Evelin estaba sentada en la última fila y me llamó la atención porque parecía aún más tímida, reservada y apocada que el resto del grupo. Por Dios, era maravilloso la cantidad de problemas, defectos e inseguridades que se reunían en su persona. Durante esa etapa de mi vida había descubierto que al relacionarme con fracasados (y, como psiquiatra, tenía que tratarlos a todas horas) me volvía sumamente agresivo. En una ocasión llegué a preguntarme si había escogido la profesión más adecuada para mí, pero enseguida comprendí que sí, y que jamás lograría librarme de la atracción que la psiquiatría ejercía en mí. ¡Me gusta tanto mirar los rostros desesperados y aterrados de mis pacientes! ¡Esperan tanto de mí! Muchos están dispuestos a dejarse humillar hasta límites insospechados, sólo para que yo los ayude. Y me cuentan todos sus secretos, me dan toda clase de detalles sobre los aspectos más íntimos de su vida. Yo los escucho atentamente, y siento que me debato entre el asco, el desprecio y… sí, el odio, pero al mismo tiempo sé que son el elixir de mi vida y que jamás podré renunciar a ellos.
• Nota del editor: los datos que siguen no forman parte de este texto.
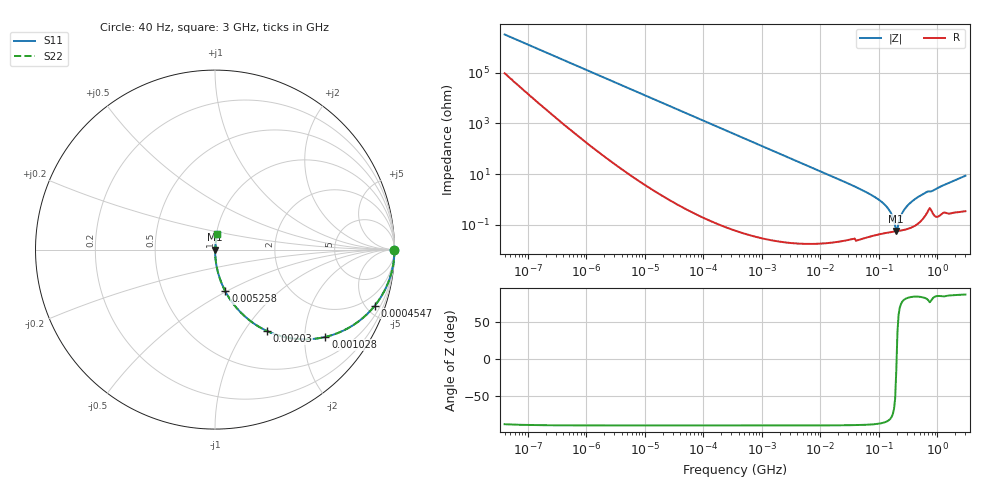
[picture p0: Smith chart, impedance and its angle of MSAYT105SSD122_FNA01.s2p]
! MSAYT105SSD122_FNA01  S-PARAMETER MODEL  ( General Type )
! Model Generated by TAIYO YUDEN Corporation (http://www.ty-top.com)
! Version 2.0
! TAIYO YUDEN Control No. 040624
! Copyright(c) 2004 TAIYO YUDEN CO.,LTD. All Rights Reserved.
! Product Description (link to TY-COMPAS)
! https://ds.yuden.co.jp/TYCOMPAS/or/detail?pn=MSAYT105SSD122KFNA01&u=M
! Products Name : Multilayer Ceramic Capacitors
! Characteristics :
!  Capacitance : 1200 pF , Rated Voltage : 25V
!  Case Size : 1.0 x 0.5 / 0.039 x 0.02 [mm/inch] , Thickness : 0.5 / 0.02 [mm/inch]
!  (Conditions: Temperature = 25 degC , DC Bias Current/Voltage = 0A / 0V)
! External Node Assignments :
!  1  o---| |---o  2
! GND o---------o GND
! Frequency Range : 40Hz  -  3GHz  [ 401 STEP ]
# MHz S RI R 50
! Freq[MHz].  S11 Real  S11 Imag  S21 Real  S21 Imag  S12 Real  S12 Imag  S22 Real  S22 Imag
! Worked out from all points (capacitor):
!   401 points, 40 Hz to 3 GHz, reference 50 ohm
!   read as one part in series: C = 1.23 nF near 44 Hz
!   lowest |Z| = 57.5 mohm at 197.6 MHz (marker M1)
!   series resonance near 200.2 MHz, so ESL is about 520 pH
!   S11 on the Smith chart (normalised r, x): 40 Hz: open; 454.7 kHz: 1.00, -5.71; 1.028 MHz: 1.00, -2.53; 2.03 MHz: 1.00, -1.28; 5.258 MHz: 1.00, -0.49; 3 GHz: 1.01, +0.17
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4e-05  1 -3.08e-05  9.07e-07 3.08e-05  9.07e-07 3.08e-05  1 -3.08e-05
0.000136  1 -0.000105  8.76e-07 0.000105  8.76e-07 0.000105  1 -0.000105
0.000834  1 -0.000642  1.41e-06 0.000642  1.41e-06 0.000642  1 -0.000642
0.017386  0.9998 -0.0134  0.000182 0.0134  0.000182 0.0134  0.9998 -0.0134
0.106589  0.9933 -0.0815  0.0067 0.0815  0.0067 0.0815  0.9933 -0.0815
0.362475  0.9277 -0.2589  0.0723 0.2589  0.0723 0.2589  0.9277 -0.2589
0.454691  0.8908 -0.3118  0.1092 0.3118  0.1092 0.3118  0.8908 -0.3118
1.02824  0.6147 -0.4866  0.3853 0.4866  0.3853 0.4866  0.6147 -0.4866
2.029594  0.2906 -0.4539  0.7094 0.4539  0.7094 0.4539  0.2906 -0.4539
5.258354  0.0576 -0.2326  0.9424 0.2326  0.9424 0.2326  0.0576 -0.2326
7.222098  0.0314 -0.1739  0.9686 0.1739  0.9686 0.1739  0.0314 -0.1739
69.67004  0.000603 -0.0162  0.9994 0.0162  0.9994 0.0162  0.000603 -0.0162
114.7124  0.000503 -0.00751  0.9995 0.00751  0.9995 0.00751  0.000503 -0.00751
150.5692  0.000514 -0.00368  0.9995 0.00368  0.9995 0.00368  0.000514 -0.00368
188.875  0.000544 -0.000744  0.9995 0.000744  0.9995 0.000744  0.000544 -0.000744
197.6342  0.000553 -0.000158  0.9994 0.000158  0.9994 0.000158  0.000553 -0.000158
216.3901  0.000572 0.001  0.9994 -0.001  0.9994 -0.001  0.000572 0.001
247.9136  0.000612 0.00275  0.9994 -0.00275  0.9994 -0.00275  0.000612 0.00275
284.0294  0.000668 0.00456  0.9993 -0.00456  0.9993 -0.00456  0.000668 0.00456
427.1222  0.00108 0.0109  0.9989 -0.0109  0.9989 -0.0109  0.00108 0.0109
642.3046  0.00295 0.019  0.997 -0.019  0.997 -0.019  0.00295 0.019
3000  0.0107 0.0849  0.9893 -0.0849  0.9893 -0.0849  0.0107 0.0849

En cuanto vi a Evelin supe que era de las que sentían verdadero pavor de hablar en público, así que la hice subir a la tarima para que me ayudara a realizar el primer ejercicio del seminario. Cuando la llamé empezó a ponerse roja y blanca alternativamente, y le brillaron los ojos de puro miedo. Me lanzó una mirada suplicante, como un animal que acaba de pisar una trampa mortal, y recuerdo que recé para que nadie se diera cuenta de la erección que estaba teniendo y que, obviamente, no podía controlar.

Al final Evelin comprendió que no tenía escapatoria. Se levantó y se acercó a la tarima con paso tembloroso. Yo me busqué un segundo ayudante, un joven con unas increíbles orejas de soplillo que quizá fueran la causa de sus problemas de relación. Él reaccionó también con pavor, pero no pareció tan asustado como Evelin. Los dos se esforzaron al máximo en realizar los ejercicios que les pedí, y yo los observé atentamente. Mejor dicho, sólo observé a Evelin. Me tenía absolutamente fascinado.

Por aquel entonces, hace doce años, era una mujer atractiva. Tenía veinte años y era rubia y muy delgada. Tenía unas piernas muy bonitas y podría haber sacado mucho partido de sí misma, si no fuera por su eterna expresión de por-favor-no-me-hagas-daño. Claro que, de no haber sido por aquella expresión, a mí nunca me habría excitado tanto. Ni indignado tanto. Seguramente ni siquiera me habría llamado la atención. Las mujeres seguras de sí mismas nunca me han interesado: son todas igual de aburridas.

Evelin sudó muchísimo durante todo el ejercicio. Bajo sus axilas iba formándose una mancha cada vez más grande que teñía de oscuro su jersey de lana gris. Estaba roja como un tomate y le brillaba la piel. Estaba a punto de llorar.

De pronto temí haber ido demasiado lejos. ¿Y si después de aquella experiencia decidía no volver a mi seminario? Así pues, cuando acabaron las dos horas de la sesión le pedí que se quedara un momento. Mientras los demás se precipitaban hacia la puerta yo me acerqué a Evelin y cogí su mano derecha entre las mías. Ella seguía sudando a mares.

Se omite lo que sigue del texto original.